Sentencia: “mi curva de aprendizaje todavía no termina”.
Nicolás Lustig, egresado de la Universidad Católica, partió en Claro y Cía. pero un master en Leyes en la Duke University lo lanzó a la aventura internacional. Esta comenzó cuando, tras estar en Greenberg Trauring LLP, aceptó ser el abogado corporativo del GrupoNueva, holding dueño de las multinacionales Amanco y Plycem y controlador de Masisa. En 2007 asumió la responsabilidad jurídica de la filial de Masisa en Curitiba, Brasil.
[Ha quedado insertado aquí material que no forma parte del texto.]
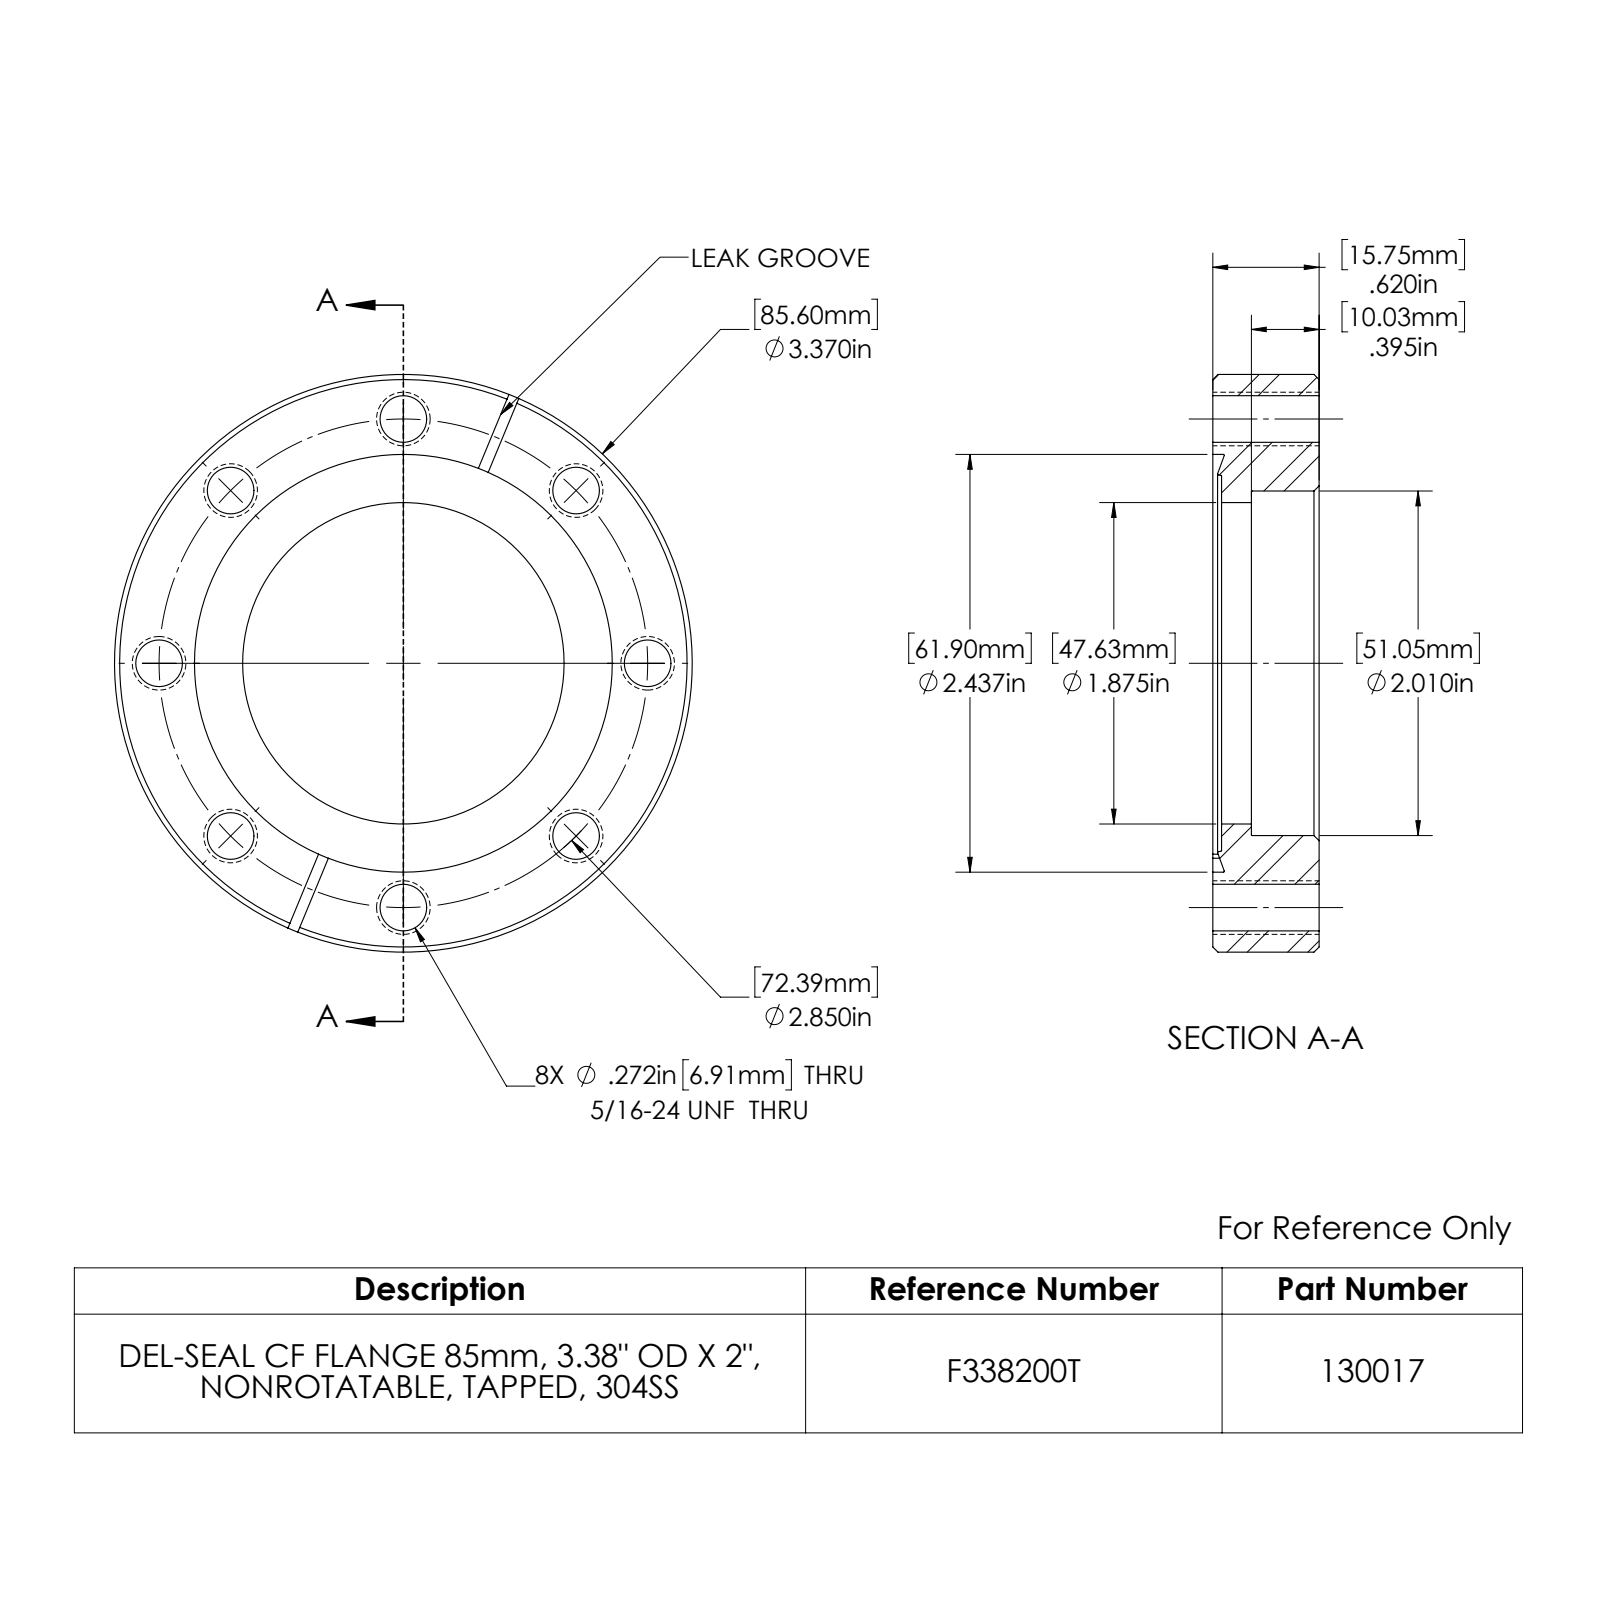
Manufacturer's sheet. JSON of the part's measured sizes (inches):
{"part_name": "130017", "step_written_by": "SolidWorks 2022 (AUTOMOTIVE_DESIGN)", "units": "inches", "bodies": {"solids": 1, "faces": 54, "planar": 11, "cylindrical": 24, "other": 19}, "overall_size": [3.37, 3.37, 0.62], "volume_in3": 3.258, "surface_area_in2": 25.96, "round_holes": [[0.272, 8], [1.875, 1], [2.01, 1], [2.437, 1]], "round_bosses_or_shafts": [[3.37, 1]], "face_to_face_distances": [0.62, 0.051, 0.569, 0.225, 0.174, 0.395, 0.052, 0.173, 0.568, 0.062], "hole_center_spacings": [1.091, 2.633, 1.425, 1.425, 2.015, 2.015, 2.85, 2.85]}

Su balance incluye idiomas –es trilingue– y una valiosa red de contactos o network. Antes saltó una valla: demostrar que sería un aporte. La nueva concepción del abogado –como counsel o consejero del management en temas estratégicos– ayuda a romper fronteras, señala.
Entre sus casos recuerda la venta del GrupoNueva de sus subsidiarias Amancoy Plycem al grupo Mexichem, sobre 600 millones de dólares. Sólo coordinar las operaciones y activos –en más de 10 países– era “una locura”. También, la adjudicación de activos forestales de Masisa en Santa Catarina por el fondo Global Forest Partners.
No tiene fecha de retorno: “estoy muy contento en Brasil y me gustaría continuar aquí algunos años. Después… ya veremos”.